Sollte ich die Schuld auf mich nehmen, war das besser? Oder genau falsch? Aber ich hatte es nicht absichtlich getan.

»Es war ein Unfall«, wiederholte ich.

»Haben Sie etwas dagegen, wenn wir mit Ihrem Hausarzt Kontakt aufnehmen?«

Mir fiel die Kinnlade herunter. Die ganze Situation, allein die Frage, all das machte mich so aggressiv, dass ich die Frau am liebsten schlagen wollte. Mir war kalt, ich hatte Hunger, ich war erschöpft und hatte Angst. Und ich musste ganz dringend zur Toilette.

»Warum denn?«

»Wir möchten uns gern ein Bild von Ihrem Sohn machen, von Ihrer Familie …«

»Was wollen Sie wissen? Das können Sie mich doch auch einfach selbst fragen. Wir haben als Familie schon genug durchmachen müssen. Vor zwei Jahren haben wir bereits Gregorys Schwester verloren …« Abrupt hielt ich inne. Warum hatte ich das gesagt? Ich wusste, wie das in den Ohren der Ärztin klingen musste. Jetzt hatte ich ihr Misstrauen geweckt. Und »bereits«? Ich würde Gregory nicht verlieren.

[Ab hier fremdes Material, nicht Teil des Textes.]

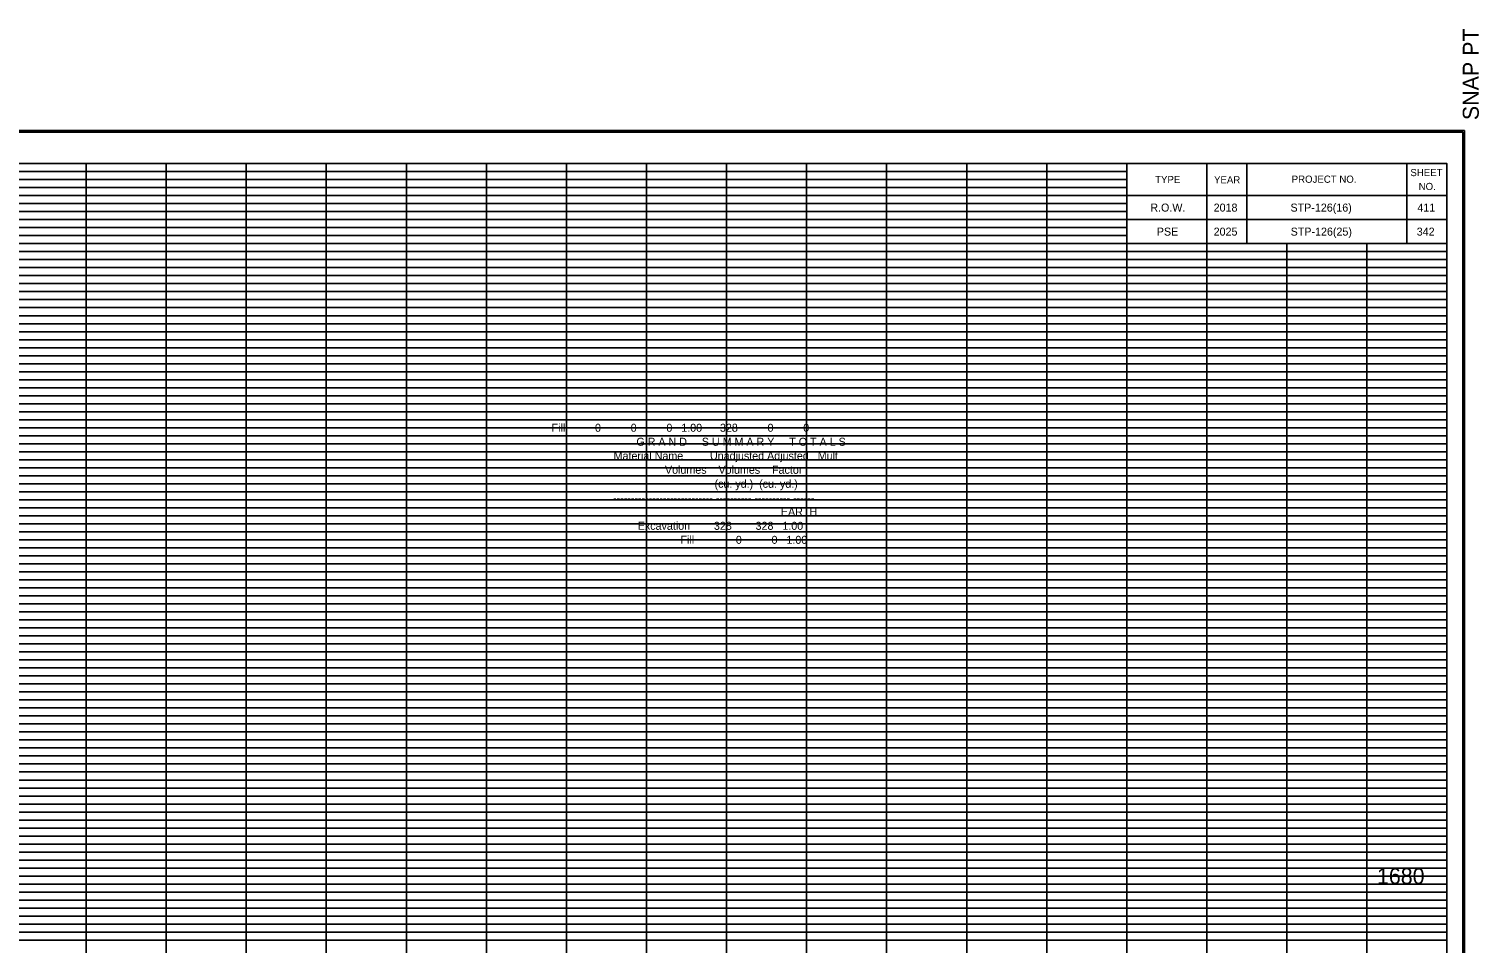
# Model space of a CAD drawing. Extents: x 980 to 1324, y 978 to 1767.
# Drawn here: x 1142.9 to 1324, y 1382.5 to 1496.8 of the extents above; entities that cross this region are included whole.
import ezdxf

# ---------------------------------------------------------------- set-up
doc = ezdxf.new("R2010")
doc.units = 0
for name, color, linetype in [('DESIGN - SCRATCH - User 1', 7, 'Continuous'), ('DESIGN - SHEET - Corner Text', 7, 'Continuous'), ('DESIGN - SHEET - Light Grid', 7, 'Continuous'), ('DESIGN - SHEET - Linework', 7, 'Continuous'), ('DESIGN - SHEET - Plot Shape', 7, 'Continuous'), ('DESIGN - TYPICAL - Finished Grade and Subgrade', 7, 'Continuous'), ('DESIGN - TYPICAL - Text', 7, 'Continuous')]:
    doc.layers.add(name, color=color, linetype=linetype)

# ---------------------------------------------------------------- blocks, each defined once
blk = doc.blocks.new('XSTSHT')
at = {"layer": 'DESIGN - SCRATCH - User 1'}
for p, q in [((28.5, 20.45), (28.5, 20.45)), ((29.24, 20.45), (29.24, 20.45)), ((30.49, 20.45), (30.49, 20.45)), ((31.74, 20.45), (31.74, 20.45)), ((28.5, 20.15), (28.5, 20.15)), ((29.24, 20.15), (29.24, 20.15)), ((30.49, 20.15), (30.49, 20.15)), ((31.74, 20.15), (31.74, 20.15))]:
    blk.add_line(p, q, dxfattribs=at)
at = {"layer": 'DESIGN - SHEET - Light Grid'}
for p, q in [((8, 20.9), (16, 20.9)), ((16, 20.9), (24, 20.9)), ((24, 20.9), (28, 20.9)), ((8, 20.8), (16, 20.8)), ((8, 20.7), (16, 20.7)), ((16, 20.8), (24, 20.8)), ((16, 20.7), (24, 20.7)), ((24, 20.8), (28, 20.8)), ((24, 20.7), (28, 20.7)), ((8, 20.6), (16, 20.6)), ((8, 20.5), (16, 20.5)), ((16, 20.6), (24, 20.6)), ((16, 20.5), (24, 20.5)), ((24, 20.6), (28, 20.6)), ((24, 20.5), (28, 20.5)), ((8, 20.4), (16, 20.4)), ((8, 20.3), (16, 20.3)), ((16, 20.4), (24, 20.4)), ((16, 20.3), (24, 20.3)), ((24, 20.4), (28, 20.4)), ((24, 20.3), (28, 20.3)), ((8, 20.2), (16, 20.2)), ((16, 20.2), (24, 20.2)), ((24, 20.2), (28, 20.2)), ((8, 20.1), (16, 20.1)), ((16, 20.1), (24, 20.1)), ((24, 20.1), (28, 20.1)), ((8, 19.9), (16, 19.9)), ((8, 19.8), (16, 19.8)), ((16, 19.9), (24, 19.9)), ((16, 19.8), (24, 19.8)), ((24, 19.9), (32, 19.9)), ((24, 19.8), (32, 19.8)), ((8, 19.7), (16, 19.7)), ((8, 19.6), (16, 19.6)), ((16, 19.7), (24, 19.7)), ((16, 19.6), (24, 19.6)), ((24, 19.7), (32, 19.7)), ((24, 19.6), (32, 19.6)), ((8, 19.5), (16, 19.5)), ((8, 19.4), (16, 19.4)), ((16, 19.5), (24, 19.5)), ((16, 19.4), (24, 19.4)), ((24, 19.5), (32, 19.5)), ((24, 19.4), (32, 19.4)), ((8, 19.3), (16, 19.3)), ((16, 19.3), (24, 19.3)), ((24, 19.3), (32, 19.3)), ((8, 19.2), (16, 19.2)), ((8, 19.1), (16, 19.1)), ((16, 19.2), (24, 19.2)), ((16, 19.1), (24, 19.1)), ((24, 19.2), (32, 19.2)), ((24, 19.1), (32, 19.1)), ((8, 18.9), (16, 18.9)), ((16, 18.9), (24, 18.9)), ((24, 18.9), (32, 18.9)), ((8, 18.8), (16, 18.8)), ((8, 18.7), (16, 18.7)), ((16, 18.8), (24, 18.8)), ((16, 18.7), (24, 18.7)), ((24, 18.8), (32, 18.8)), ((24, 18.7), (32, 18.7)), ((8, 18.6), (16, 18.6)), ((8, 18.5), (16, 18.5)), ((16, 18.6), (24, 18.6)), ((16, 18.5), (24, 18.5)), ((24, 18.6), (32, 18.6)), ((24, 18.5), (32, 18.5)), ((8, 18.4), (16, 18.4)), ((8, 18.3), (16, 18.3)), ((16, 18.4), (24, 18.4)), ((16, 18.3), (24, 18.3)), ((24, 18.4), (32, 18.4)), ((24, 18.3), (32, 18.3)), ((8, 18.2), (16, 18.2)), ((16, 18.2), (24, 18.2)), ((24, 18.2), (32, 18.2)), ((8, 18.1), (16, 18.1)), ((16, 18.1), (24, 18.1)), ((24, 18.1), (32, 18.1)), ((8, 17.9), (16, 17.9)), ((8, 17.8), (16, 17.8)), ((16, 17.9), (24, 17.9)), ((16, 17.8), (24, 17.8)), ((24, 17.9), (32, 17.9)), ((24, 17.8), (32, 17.8)), ((8, 17.7), (16, 17.7)), ((8, 17.6), (16, 17.6)), ((16, 17.7), (24, 17.7)), ((16, 17.6), (24, 17.6)), ((24, 17.7), (32, 17.7)), ((24, 17.6), (32, 17.6)), ((8, 17.5), (16, 17.5)), ((8, 17.4), (16, 17.4)), ((16, 17.5), (24, 17.5)), ((16, 17.4), (24, 17.4)), ((24, 17.5), (32, 17.5)), ((24, 17.4), (32, 17.4)), ((8, 17.3), (16, 17.3)), ((16, 17.3), (24, 17.3)), ((24, 17.3), (32, 17.3)), ((8, 17.2), (16, 17.2)), ((8, 17.1), (16, 17.1)), ((16, 17.2), (24, 17.2)), ((16, 17.1), (24, 17.1)), ((24, 17.2), (32, 17.2)), ((24, 17.1), (32, 17.1)), ((8, 16.9), (16, 16.9)), ((16, 16.9), (24, 16.9)), ((24, 16.9), (32, 16.9)), ((8, 16.8), (16, 16.8)), ((8, 16.7), (16, 16.7)), ((16, 16.8), (24, 16.8)), ((16, 16.7), (24, 16.7)), ((24, 16.8), (32, 16.8)), ((24, 16.7), (32, 16.7)), ((8, 16.6), (16, 16.6)), ((8, 16.5), (16, 16.5)), ((16, 16.6), (24, 16.6)), ((16, 16.5), (24, 16.5)), ((24, 16.6), (32, 16.6)), ((24, 16.5), (32, 16.5)), ((8, 16.4), (16, 16.4)), ((16, 16.4), (24, 16.4)), ((24, 16.4), (32, 16.4)), ((8, 16.3), (16, 16.3)), ((8, 16.2), (16, 16.2)), ((16, 16.3), (24, 16.3)), ((16, 16.2), (24, 16.2)), ((24, 16.3), (32, 16.3)), ((24, 16.2), (32, 16.2)), ((8, 16.1), (16, 16.1)), ((16, 16.1), (24, 16.1)), ((24, 16.1), (32, 16.1)), ((8, 15.9), (16, 15.9)), ((8, 15.8), (16, 15.8)), ((16, 15.9), (24, 15.9)), ((16, 15.8), (24, 15.8)), ((24, 15.9), (32, 15.9)), ((24, 15.8), (32, 15.8)), ((8, 15.7), (16, 15.7)), ((8, 15.6), (16, 15.6)), ((16, 15.7), (24, 15.7)), ((16, 15.6), (24, 15.6)), ((24, 15.7), (32, 15.7)), ((24, 15.6), (32, 15.6)), ((8, 15.5), (16, 15.5)), ((8, 15.4), (16, 15.4)), ((16, 15.5), (24, 15.5)), ((16, 15.4), (24, 15.4)), ((24, 15.5), (32, 15.5)), ((24, 15.4), (32, 15.4)), ((8, 15.3), (16, 15.3)), ((16, 15.3), (24, 15.3)), ((24, 15.3), (32, 15.3)), ((8, 15.2), (16, 15.2)), ((8, 15.1), (16, 15.1)), ((16, 15.2), (24, 15.2)), ((16, 15.1), (24, 15.1)), ((24, 15.2), (32, 15.2)), ((24, 15.1), (32, 15.1)), ((8, 14.9), (16, 14.9)), ((16, 14.9), (24, 14.9)), ((24, 14.9), (32, 14.9)), ((8, 14.8), (16, 14.8)), ((8, 14.7), (16, 14.7)), ((16, 14.8), (24, 14.8)), ((16, 14.7), (24, 14.7)), ((24, 14.8), (32, 14.8)), ((24, 14.7), (32, 14.7)), ((8, 14.6), (16, 14.6)), ((8, 14.5), (16, 14.5)), ((16, 14.6), (24, 14.6)), ((16, 14.5), (24, 14.5)), ((24, 14.6), (32, 14.6)), ((24, 14.5), (32, 14.5)), ((8, 14.4), (16, 14.4)), ((16, 14.4), (24, 14.4)), ((24, 14.4), (32, 14.4)), ((8, 14.3), (16, 14.3)), ((8, 14.2), (16, 14.2)), ((16, 14.3), (24, 14.3)), ((16, 14.2), (24, 14.2)), ((24, 14.3), (32, 14.3)), ((24, 14.2), (32, 14.2)), ((8, 14.1), (16, 14.1)), ((16, 14.1), (24, 14.1)), ((24, 14.1), (32, 14.1)), ((8, 13.9), (16, 13.9)), ((8, 13.8), (16, 13.8)), ((16, 13.9), (24, 13.9)), ((16, 13.8), (24, 13.8)), ((24, 13.9), (32, 13.9)), ((24, 13.8), (32, 13.8)), ((8, 13.7), (16, 13.7)), ((8, 13.6), (16, 13.6)), ((16, 13.7), (24, 13.7)), ((16, 13.6), (24, 13.6)), ((24, 13.7), (32, 13.7)), ((24, 13.6), (32, 13.6)), ((8, 13.5), (16, 13.5)), ((16, 13.5), (24, 13.5)), ((24, 13.5), (32, 13.5)), ((8, 13.4), (16, 13.4)), ((8, 13.3), (16, 13.3)), ((16, 13.4), (24, 13.4)), ((16, 13.3), (24, 13.3)), ((24, 13.4), (32, 13.4)), ((24, 13.3), (32, 13.3)), ((8, 13.2), (16, 13.2)), ((8, 13.1), (16, 13.1)), ((16, 13.2), (24, 13.2)), ((16, 13.1), (24, 13.1)), ((24, 13.2), (32, 13.2)), ((24, 13.1), (32, 13.1)), ((8, 12.9), (16, 12.9)), ((16, 12.9), (24, 12.9)), ((24, 12.9), (32, 12.9)), ((8, 12.8), (16, 12.8)), ((8, 12.7), (16, 12.7)), ((16, 12.8), (24, 12.8)), ((16, 12.7), (24, 12.7)), ((24, 12.8), (32, 12.8)), ((24, 12.7), (32, 12.7)), ((8, 12.6), (16, 12.6)), ((8, 12.5), (16, 12.5)), ((16, 12.6), (24, 12.6)), ((16, 12.5), (24, 12.5)), ((24, 12.6), (32, 12.6)), ((24, 12.5), (32, 12.5)), ((8, 12.4), (16, 12.4)), ((16, 12.4), (24, 12.4)), ((24, 12.4), (32, 12.4)), ((8, 12.3), (16, 12.3)), ((8, 12.2), (16, 12.2)), ((16, 12.3), (24, 12.3)), ((16, 12.2), (24, 12.2)), ((24, 12.3), (32, 12.3)), ((24, 12.2), (32, 12.2)), ((8, 12.1), (16, 12.1)), ((16, 12.1), (24, 12.1)), ((24, 12.1), (32, 12.1)), ((8, 11.9), (16, 11.9)), ((8, 11.8), (16, 11.8)), ((16, 11.9), (24, 11.9)), ((16, 11.8), (24, 11.8)), ((24, 11.9), (32, 11.9)), ((24, 11.8), (32, 11.8)), ((8, 11.7), (16, 11.7)), ((8, 11.6), (16, 11.6)), ((16, 11.7), (24, 11.7)), ((16, 11.6), (24, 11.6)), ((24, 11.7), (32, 11.7)), ((24, 11.6), (32, 11.6)), ((8, 11.5), (16, 11.5)), ((16, 11.5), (24, 11.5)), ((24, 11.5), (32, 11.5)), ((8, 11.4), (16, 11.4)), ((8, 11.3), (16, 11.3)), ((16, 11.4), (24, 11.4)), ((16, 11.3), (24, 11.3)), ((24, 11.4), (32, 11.4)), ((24, 11.3), (32, 11.3))]:
    blk.add_line(p, q, dxfattribs=at)
at = {"layer": 'DESIGN - SHEET - Linework'}
for p, q in [((-1.823, 21.414), (32.217, 21.414)), ((32.217, 21.414), (32.217, -0.414)), ((15, 0), (15, 21)), ((16, 0), (16, 21)), ((17, 0), (17, 21)), ((18, 0), (18, 21)), ((19, 0), (19, 21)), ((20, 0), (20, 21)), ((21, 0), (21, 21)), ((22, 0), (22, 21)), ((23, 0), (23, 21)), ((24, 0), (24, 21)), ((25, 0), (25, 21)), ((26, 0), (26, 21)), ((27, 0), (27, 21)), ((0, 20), (28, 20)), ((28, 0), (28, 20)), ((29, 0), (29, 20)), ((30, 0), (30, 20)), ((31, 0), (31, 20)), ((0, 19), (32, 19)), ((0, 18), (32, 18)), ((0, 17), (32, 17)), ((0, 16), (32, 16)), ((0, 15), (32, 15)), ((0, 14), (32, 14)), ((0, 13), (32, 13)), ((0, 12), (32, 12))]:
    blk.add_line(p, q, dxfattribs=at)
for points in [[(0, 21), (0, 0), (32, 0), (32, 21), (0, 21)], [(28, 21), (28, 20), (32, 20), (32, 21), (31.5, 21), (31.5, 20), (29.5, 20), (29.5, 21), (29, 21), (29, 20), (32, 20), (28, 20), (28, 20.3), (32, 20.3), (32, 20.6), (28, 20.6)]]:
    blk.add_lwpolyline(points, dxfattribs=at)
at = {"layer": 'DESIGN - SHEET - Plot Shape'}
for points in [[(-1.803, 21.394), (32.197, 21.394), (32.197, -0.394), (-1.803, -0.394)], [(-0.85, 21), (32, 21), (32, -0.25), (-0.85, -0.25)]]:
    blk.add_lwpolyline(points, close=True, dxfattribs=at)
at = {"layer": 'DESIGN - SHEET - Corner Text'}
blk.add_text('  SNAP PT', height=0.2, rotation=90, dxfattribs=at).set_placement((32.397, 21.394))
for s, p in [('TYPE', (28.354, 20.756)), ('YEAR', (29.09, 20.752)), ('PROJECT NO.', (30.06, 20.76)), ('SHEET', (31.543, 20.843)), ('NO.', (31.646, 20.669))]:
    blk.add_text(s, height=0.09, dxfattribs=at).set_placement(p)

msp = doc.modelspace()

# ---------------------------------------------------------------- linework, layer by layer
at = {"layer": 'DESIGN - SHEET - Plot Shape'}
msp.add_lwpolyline([(991.5, 1480), (1320, 1480), (1320, 1267.5), (991.5, 1267.5)], close=True, dxfattribs=at)

# ---------------------------------------------------------------- block references
at = {"layer": 'DESIGN - TYPICAL - Finished Grade and Subgrade', "xscale": 10, "yscale": 10}
msp.add_blockref('XSTSHT', (1000, 1270), dxfattribs=at)

# ---------------------------------------------------------------- texts
at = {"layer": 'DESIGN - SHEET - Corner Text'}
for s, height, p in [('R.O.W.', 1, (1282.94, 1474)), ('2018', 1, (1290.85, 1474)), ('STP-126(16)', 1, (1300.45, 1474)), ('411', 1, (1316.3, 1474)), ('PSE', 1, (1283.75, 1471)), ('2025', 1, (1290.85, 1471)), ('STP-126(25)', 1, (1300.47, 1471)), ('342', 1, (1316.22, 1471)), ('1680', 2, (1311.25, 1390))]:
    msp.add_text(s, height=height, dxfattribs=at).set_placement(p)
at = {"layer": 'DESIGN - TYPICAL - Text'}
for s, p in [('   Fill          0          0          0   1.00      328          0          0', (1207.03, 1446.5)), ('                  G R A N D     S U M M A R Y     T O T A L S', (1212.05, 1444.75)), ('               Material Name         Unadjusted Adjusted   Mult', (1210.32, 1443)), ('                                     Volumes    Volumes    Factor', (1208.56, 1441.25)), ('                                     (cu. yd.)  (cu. yd.)', (1214.75, 1439.5)), ('        ---------------------------- ---------- ---------- ------', (1212.85, 1437.75)), ('        EARTH', (1233.82, 1436)), ('                          Excavation        328        328   1.00', (1209.25, 1434.25)), ('                            Fill              0          0   1.00', (1213.85, 1432.5))]:
    msp.add_text(s, height=1, dxfattribs=at).set_placement(p)

doc.saveas('drawing.dxf')

»Ihre Tochter ist gestorben?«, fragte de Groot.

Ich nickte.

»Wie ist das passiert?«

Die Frage klang alles andere als mitfühlend.

Plötzlich sah ich mich selbst mit den Augen der Ärztin, und ich wirkte nicht gerade beherrscht. »Ich muss zur Toilette«, sagte ich. Als ich mich erhob und das Zimmer verließ, um ein WC zu suchen, hielt sie mich nicht zurück. In der Kabine ließ ich mich auf die Brille sinken und versuchte, mich zu beruhigen.

Der Umzug nach Amsterdam war für uns als Familie als Neubeginn geplant gewesen, aber mehr und mehr ging schief. Was hatte ich denn anderes erwartet? Wir hatten unser Leben auf vier stabilen Pfeilern errichtet, doch durch Nataljas Tod war einer von ihnen gewaltsam weggeschlagen worden und dadurch alles unwiderruflich ins Rutschen geraten, geradewegs in einen unendlich tiefen Abgrund hinein.